_Your objective_
All lines with the word "Level" in the material below are required.

_Data excerpts_
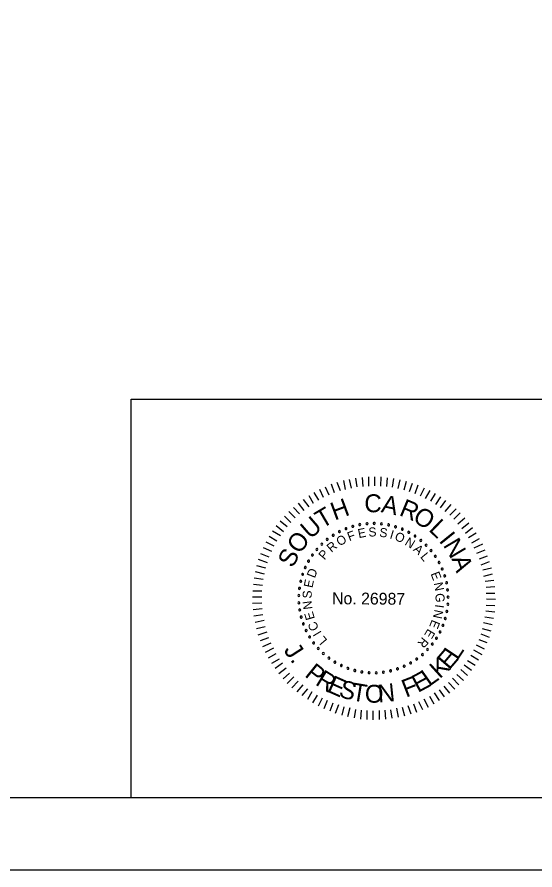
# Model space of a CAD drawing. Extents: x 96 to 240, y 601 to 689.
# Drawn here: x 183.22 to 197.53, y 601 to 624.55 of the extents above; entities that cross this region are included whole.
import ezdxf

# ---------------------------------------------------------------- set-up
doc = ezdxf.new("R2010")
doc.units = 0
for name, color, linetype in [('BR_BORDER LINES', 7, 'Continuous'), ('BR_TEXT', 7, 'Continuous'), ('Level 31', 7, 'Continuous')]:
    doc.layers.add(name, color=color, linetype=linetype)

msp = doc.modelspace()

# ---------------------------------------------------------------- linework, layer by layer
at = {"layer": 'BR_BORDER LINES'}
for p, q in [((186.375, 614.004), (207.836, 614.004)), ((186.375, 603.004), (186.375, 614.004)), ((103.173, 603.003), (237.837, 603.003))]:
    msp.add_line(p, q, dxfattribs=at)
at = {"layer": 'BR_TEXT'}
for p, q in [((192.299, 611.507), (192.246, 611.751)), ((192.464, 611.546), (192.407, 611.784)), ((192.622, 611.576), (192.586, 611.82)), ((192.78, 611.592), (192.765, 611.836)), ((192.938, 611.601), (192.94, 611.858)), ((193.106, 611.61), (193.108, 611.857)), ((193.274, 611.598), (193.283, 611.856)), ((193.435, 611.587), (193.455, 611.83)), ((193.59, 611.568), (193.633, 611.811)), ((193.751, 611.536), (193.808, 611.772)), ((193.915, 611.493), (193.979, 611.736)), ((191.693, 611.282), (191.588, 611.506)), ((191.841, 611.349), (191.747, 611.573)), ((191.996, 611.416), (191.912, 611.651)), ((192.154, 611.467), (192.067, 611.697)), ((194.063, 611.451), (194.15, 611.68)), ((194.22, 611.398), (194.308, 611.631)), ((194.364, 611.328), (194.475, 611.55)), ((194.507, 611.258), (194.633, 611.481)), ((191.413, 611.116), (191.292, 611.333)), ((191.555, 611.211), (191.433, 611.428)), ((194.658, 611.185), (194.787, 611.4)), ((194.791, 611.088), (194.927, 611.303)), ((191.023, 610.831), (190.856, 611.01)), ((191.154, 610.929), (190.995, 611.13)), ((191.289, 611.031), (191.133, 611.235)), ((194.924, 611.001), (195.07, 611.202)), ((195.054, 610.897), (195.216, 611.095)), ((190.905, 610.722), (190.728, 610.898)), ((195.18, 610.796), (195.353, 610.973)), ((195.292, 610.686), (195.465, 610.859)), ((190.687, 610.473), (190.489, 610.629)), ((190.788, 610.599), (190.614, 610.769)), ((195.404, 610.561), (195.595, 610.728)), ((195.513, 610.433), (195.7, 610.586)), ((190.496, 610.224), (190.281, 610.356)), ((190.583, 610.34), (190.385, 610.5)), ((195.608, 610.298), (195.805, 610.455)), ((195.696, 610.181), (195.907, 610.31)), ((190.399, 610.077), (190.184, 610.206)), ((195.784, 610.033), (195.998, 610.158)), ((190.259, 609.793), (190.03, 609.895)), ((190.329, 609.94), (190.103, 610.052)), ((195.855, 609.895), (196.086, 610.003)), ((195.926, 609.747), (196.154, 609.844)), ((190.189, 609.639), (189.957, 609.727)), ((195.994, 609.592), (196.221, 609.675)), ((190.091, 609.335), (189.847, 609.395)), ((190.14, 609.479), (189.894, 609.57)), ((196.047, 609.43), (196.278, 609.517)), ((190.062, 609.167), (189.812, 609.231)), ((196.087, 609.285), (196.328, 609.342)), ((196.12, 609.117), (196.361, 609.177)), ((190.019, 609.023), (189.776, 609.056)), ((196.153, 608.972), (196.39, 609.001)), ((189.989, 608.701), (189.732, 608.703)), ((190.001, 608.858), (189.754, 608.888)), ((196.179, 608.807), (196.423, 608.833)), ((189.981, 608.536), (189.73, 608.538)), ((196.185, 608.649), (196.425, 608.647)), ((196.194, 608.485), (196.438, 608.483)), ((189.986, 608.364), (189.729, 608.359)), ((189.996, 608.21), (189.748, 608.181)), ((196.182, 608.313), (196.422, 608.304)), ((190.011, 608.045), (189.767, 608.009)), ((196.145, 607.994), (196.382, 607.954)), ((196.174, 608.159), (196.418, 608.126)), ((190.051, 607.887), (189.8, 607.834)), ((190.077, 607.718), (189.833, 607.662)), ((196.11, 607.837), (196.349, 607.78)), ((190.124, 607.57), (189.876, 607.486)), ((196.031, 607.521), (196.261, 607.434)), ((196.074, 607.669), (196.314, 607.608)), ((190.171, 607.415), (189.937, 607.331)), ((190.238, 607.267), (190.007, 607.159)), ((195.975, 607.367), (196.201, 607.28)), ((190.306, 607.122), (190.078, 607.004)), ((195.832, 607.077), (196.061, 606.955)), ((195.905, 607.22), (196.131, 607.109)), ((190.373, 606.974), (190.156, 606.849)), ((190.468, 606.826), (190.251, 606.701)), ((195.668, 606.783), (195.877, 606.654)), ((195.759, 606.93), (195.971, 606.801)), ((190.553, 606.708), (190.353, 606.562)), ((190.655, 606.574), (190.454, 606.417)), ((195.578, 606.667), (195.773, 606.518)), ((190.753, 606.439), (190.577, 606.276)), ((190.869, 606.335), (190.689, 606.155)), ((195.256, 606.299), (195.426, 606.115)), ((195.37, 606.401), (195.557, 606.234)), ((195.481, 606.534), (195.665, 606.374)), ((190.985, 606.214), (190.815, 606.03)), ((191.114, 606.11), (190.952, 605.922)), ((195.014, 606.078), (195.173, 605.888)), ((195.142, 606.18), (195.312, 605.993)), ((191.248, 606.006), (191.088, 605.815)), ((191.37, 605.919), (191.245, 605.711)), ((191.51, 605.829), (191.385, 605.613)), ((194.748, 605.891), (194.88, 605.681)), ((194.883, 605.976), (195.025, 605.782)), ((191.647, 605.749), (191.539, 605.526)), ((191.794, 605.679), (191.696, 605.456)), ((191.948, 605.609), (191.86, 605.383)), ((194.317, 605.658), (194.425, 605.434)), ((194.462, 605.725), (194.583, 605.501)), ((194.613, 605.803), (194.739, 605.586)), ((192.105, 605.559), (192.014, 605.327)), ((192.249, 605.51), (192.192, 605.274)), ((192.414, 605.481), (192.353, 605.235)), ((192.571, 605.435), (192.532, 605.202)), ((192.729, 605.417), (192.71, 605.17)), ((192.887, 605.405), (192.885, 605.158)), ((193.055, 605.394), (193.053, 605.15)), ((193.223, 605.403), (193.228, 605.155)), ((193.384, 605.412), (193.4, 605.164)), ((193.539, 605.427), (193.578, 605.194)), ((193.701, 605.471), (193.754, 605.223)), ((193.866, 605.497), (193.926, 605.259)), ((194.014, 605.544), (194.098, 605.309)), ((194.172, 605.59), (194.256, 605.363))]:
    msp.add_line(p, q, dxfattribs=at)
for centre, start, end in [((192.692, 610.536), 10.6038, 190.6038), ((192.692, 610.536), 190.6038, 10.6038), ((192.89, 610.563), 5.0653, 185.0653), ((192.89, 610.563), 185.0653, 5.0653), ((193.089, 610.57), 359.5268, 179.5268), ((193.089, 610.57), 179.5268, 359.5268), ((193.288, 610.558), 353.9884, 173.9884), ((193.288, 610.558), 173.9884, 353.9884), ((193.485, 610.528), 348.4499, 168.4499), ((192.128, 610.344), 27.2191, 207.2191), ((192.128, 610.344), 207.2191, 27.2191), ((192.31, 610.426), 21.6807, 201.6807), ((192.31, 610.426), 201.6807, 21.6807), ((192.498, 610.49), 16.1422, 196.1422), ((192.498, 610.49), 196.1422, 16.1422), ((193.485, 610.528), 168.4499, 348.4499), ((193.678, 610.478), 162.9114, 342.9114), ((193.678, 610.478), 342.9114, 162.9114), ((193.865, 610.41), 157.373, 337.373), ((193.865, 610.41), 337.373, 157.373), ((194.045, 610.324), 151.8345, 331.8345), ((194.045, 610.324), 331.8345, 151.8345), ((191.793, 610.129), 38.2961, 218.2961), ((191.793, 610.129), 218.2961, 38.2961), ((191.955, 610.244), 32.7576, 212.7576), ((191.955, 610.244), 212.7576, 32.7576), ((194.216, 610.221), 146.2961, 326.2961), ((194.216, 610.221), 326.2961, 146.2961), ((194.376, 610.102), 140.7576, 320.7576), ((194.376, 610.102), 320.7576, 140.7576), ((191.505, 609.854), 49.373, 229.373), ((191.505, 609.854), 229.373, 49.373), ((191.642, 609.998), 43.8345, 223.8345), ((191.642, 609.998), 223.8345, 43.8345), ((194.524, 609.969), 135.2191, 315.2191), ((194.524, 609.969), 315.2191, 135.2191), ((194.658, 609.821), 129.6807, 309.6807), ((194.658, 609.821), 309.6807, 129.6807), ((191.382, 609.697), 54.9114, 234.9114), ((191.382, 609.697), 234.9114, 54.9114), ((194.777, 609.662), 124.1422, 304.1422), ((194.777, 609.662), 304.1422, 124.1422), ((191.185, 609.351), 65.9884, 245.9884), ((191.185, 609.351), 245.9884, 65.9884), ((191.275, 609.528), 60.4499, 240.4499), ((191.275, 609.528), 240.4499, 60.4499), ((194.881, 609.491), 118.6038, 298.6038), ((194.881, 609.491), 298.6038, 118.6038), ((191.113, 609.165), 71.5268, 251.5268), ((191.113, 609.165), 251.5268, 71.5268), ((194.967, 609.312), 113.0653, 293.0653), ((194.967, 609.312), 293.0653, 113.0653), ((195.036, 609.125), 107.5268, 287.5268), ((195.036, 609.125), 287.5268, 107.5268), ((191.058, 608.973), 77.0653, 257.0653), ((191.058, 608.973), 257.0653, 77.0653), ((195.087, 608.932), 101.9884, 281.9884), ((195.087, 608.932), 281.9884, 101.9884), ((191.023, 608.777), 82.6038, 262.6038), ((191.023, 608.777), 262.6038, 82.6038), ((195.118, 608.735), 96.4499, 276.4499), ((195.118, 608.735), 276.4499, 96.4499), ((191.006, 608.578), 88.1422, 268.1422), ((191.006, 608.578), 268.1422, 88.1422), ((195.131, 608.536), 90.9114, 270.9114), ((195.131, 608.536), 270.9114, 90.9114), ((191.009, 608.379), 93.6807, 273.6807), ((191.031, 608.181), 99.2191, 279.2191), ((191.009, 608.379), 273.6807, 93.6807), ((191.031, 608.181), 279.2191, 99.2191), ((195.124, 608.337), 85.373, 265.373), ((195.124, 608.337), 265.373, 85.373), ((191.072, 607.986), 104.7576, 284.7576), ((191.072, 607.986), 284.7576, 104.7576), ((195.053, 607.945), 74.2961, 254.2961), ((195.053, 607.945), 254.2961, 74.2961), ((195.098, 608.139), 79.8345, 259.8345), ((195.098, 608.139), 259.8345, 79.8345), ((191.132, 607.796), 110.2961, 290.2961), ((191.132, 607.796), 290.2961, 110.2961), ((194.989, 607.756), 68.7576, 248.7576), ((194.989, 607.756), 248.7576, 68.7576), ((191.209, 607.612), 115.8345, 295.8345), ((191.209, 607.612), 295.8345, 115.8345), ((194.908, 607.574), 63.2191, 243.2191), ((194.908, 607.574), 243.2191, 63.2191), ((191.305, 607.437), 121.373, 301.373), ((191.305, 607.437), 301.373, 121.373), ((191.416, 607.272), 126.9114, 306.9114), ((191.416, 607.272), 306.9114, 126.9114), ((194.694, 607.238), 52.1422, 232.1422), ((194.694, 607.238), 232.1422, 52.1422), ((194.809, 607.401), 57.6807, 237.6807), ((194.809, 607.401), 237.6807, 57.6807), ((191.543, 607.118), 132.4499, 312.4499), ((191.543, 607.118), 312.4499, 132.4499), ((191.684, 606.977), 317.9884, 137.9884), ((194.564, 607.087), 46.6038, 226.6038), ((194.564, 607.087), 226.6038, 46.6038), ((191.684, 606.977), 137.9884, 317.9884), ((191.838, 606.851), 143.5268, 323.5268), ((191.838, 606.851), 323.5268, 143.5268), ((194.263, 606.826), 35.5268, 215.5268), ((194.263, 606.826), 215.5268, 35.5268), ((194.42, 606.949), 41.0653, 221.0653), ((194.42, 606.949), 221.0653, 41.0653), ((192.004, 606.74), 149.0653, 329.0653), ((192.004, 606.74), 329.0653, 149.0653), ((192.18, 606.646), 154.6038, 334.6038), ((192.18, 606.646), 334.6038, 154.6038), ((192.363, 606.569), 160.1422, 340.1422), ((192.363, 606.569), 340.1422, 160.1422), ((192.554, 606.51), 345.6807, 165.6807), ((193.733, 606.555), 18.9114, 198.9114), ((193.733, 606.555), 198.9114, 18.9114), ((193.918, 606.628), 24.4499, 204.4499), ((193.918, 606.628), 204.4499, 24.4499), ((194.095, 606.719), 29.9884, 209.9884), ((194.095, 606.719), 209.9884, 29.9884), ((192.554, 606.51), 165.6807, 345.6807), ((192.749, 606.469), 351.2191, 171.2191), ((192.749, 606.469), 171.2191, 351.2191), ((192.947, 606.448), 356.7576, 176.7576), ((192.947, 606.448), 176.7576, 356.7576), ((193.146, 606.446), 2.2961, 182.2961), ((193.146, 606.446), 182.2961, 2.2961), ((193.345, 606.463), 7.8345, 187.8345), ((193.345, 606.463), 187.8345, 7.8345), ((193.541, 606.5), 13.373, 193.373), ((193.541, 606.5), 193.373, 13.373)]:
    msp.add_arc(centre, 0.028, start, end, dxfattribs=at)
at = {"layer": 'Level 31'}
msp.add_lwpolyline([(95.84, 601.004), (239.84, 601.004), (239.84, 689.004), (95.84, 689.004)], close=True, dxfattribs=at)

# ---------------------------------------------------------------- texts
at = {"layer": 'BR_TEXT'}
for s, height, rotation, p in [('H', 0.496, 20.3637, (191.997, 610.647)), ('C', 0.496, 359.5482, (192.815, 610.88)), ('A', 0.496, 348.1981, (193.261, 610.884)), ('T', 0.496, 30.4992, (191.646, 610.417)), ('R', 0.496, 337.4344, (193.754, 610.804)), ('U', 0.496, 40.8022, (191.321, 610.118)), ('O', 0.496, 326.5869, (194.123, 610.657)), ('L', 0.496, 315.9488, (194.573, 610.386)), ('O', 0.496, 52.0267, (191.023, 609.702)), ('F', 0.249, 20.6127, (192.402, 610.076)), ('E', 0.249, 11.4103, (192.663, 610.162)), ('S', 0.249, 2.208, (192.934, 610.206)), ('S', 0.249, 352.6608, (193.22, 610.206)), ('I', 0.249, 343.1136, (193.5, 610.157)), ('O', 0.249, 338.4392, (193.634, 610.117)), ('I', 0.496, 308.6613, (194.859, 610.089)), ('O', 0.249, 30.8477, (192.133, 609.932)), ('N', 0.249, 328.2042, (193.913, 609.991)), ('N', 0.496, 300.7037, (194.981, 609.971)), ('S', 0.496, 63.2511, (190.842, 609.32)), ('P', 0.249, 49.9421, (191.716, 609.546)), ('R', 0.249, 40.3949, (191.908, 609.756)), ('A', 0.249, 318.657, (194.149, 609.831)), ('L', 0.249, 309.4546, (194.348, 609.642)), ('A', 0.496, 289.4792, (195.218, 609.599)), ('D', 0.249, 69.0364, (191.448, 609.045)), ('E', 0.249, 291.049, (194.643, 609.181)), ('E', 0.249, 78.2388, (191.382, 608.778)), ('N', 0.249, 281.8466, (194.732, 608.921)), ('S', 0.249, 87.786, (191.359, 608.494)), ('No. 26987', 0.327, 359.5268, (191.924, 608.34)), ('N', 0.249, 97.3332, (191.384, 608.21)), ('G', 0.249, 272.2995, (194.779, 608.639)), ('I', 0.249, 262.4084, (194.778, 608.344)), ('E', 0.249, 106.5355, (191.452, 607.944)), ('N', 0.249, 257.7339, (194.759, 608.206)), ('C', 0.249, 116.4266, (191.571, 607.674)), ('E', 0.249, 248.1867, (194.687, 607.93)), ('I', 0.249, 121.1011, (191.644, 607.554)), ('L', 0.249, 129.9595, (191.806, 607.345)), ('E', 0.249, 238.9844, (194.575, 607.679)), ('R', 0.249, 229.782, (194.425, 607.449)), ('J', 0.494, 302.9559, (190.575, 607.071)), ('E', 0.494, 49.3639, (195.159, 606.504)), ('L', 0.494, 56.4247, (195.389, 606.775)), ('.', 0.494, 309.3974, (190.751, 606.8)), ('K', 0.494, 42.3031, (194.897, 606.263)), ('P', 0.494, 321.1035, (191.145, 606.363)), ('R', 0.494, 328.5359, (191.438, 606.13)), ('E', 0.494, 335.9684, (191.758, 605.938)), ('F', 0.494, 21.1206, (193.966, 605.758)), ('E', 0.494, 28.1814, (194.296, 605.887)), ('L', 0.494, 35.2422, (194.608, 606.057)), ('S', 0.494, 343.0292, (192.084, 605.795)), ('T', 0.494, 350.4617, (192.442, 605.689)), ('O', 0.494, 358.1419, (192.824, 605.629)), ('N', 0.494, 5.8221, (193.21, 605.621))]:
    msp.add_text(s, height=height, rotation=rotation, dxfattribs=at).set_placement(p)

doc.saveas('drawing.dxf')

_Response to the task_
for name, color, linetype in [('BR_BORDER LINES', 7, 'Continuous'), ('BR_TEXT', 7, 'Continuous'), ('Level 31', 7, 'Continuous')]:
at = {"layer": 'Level 31'}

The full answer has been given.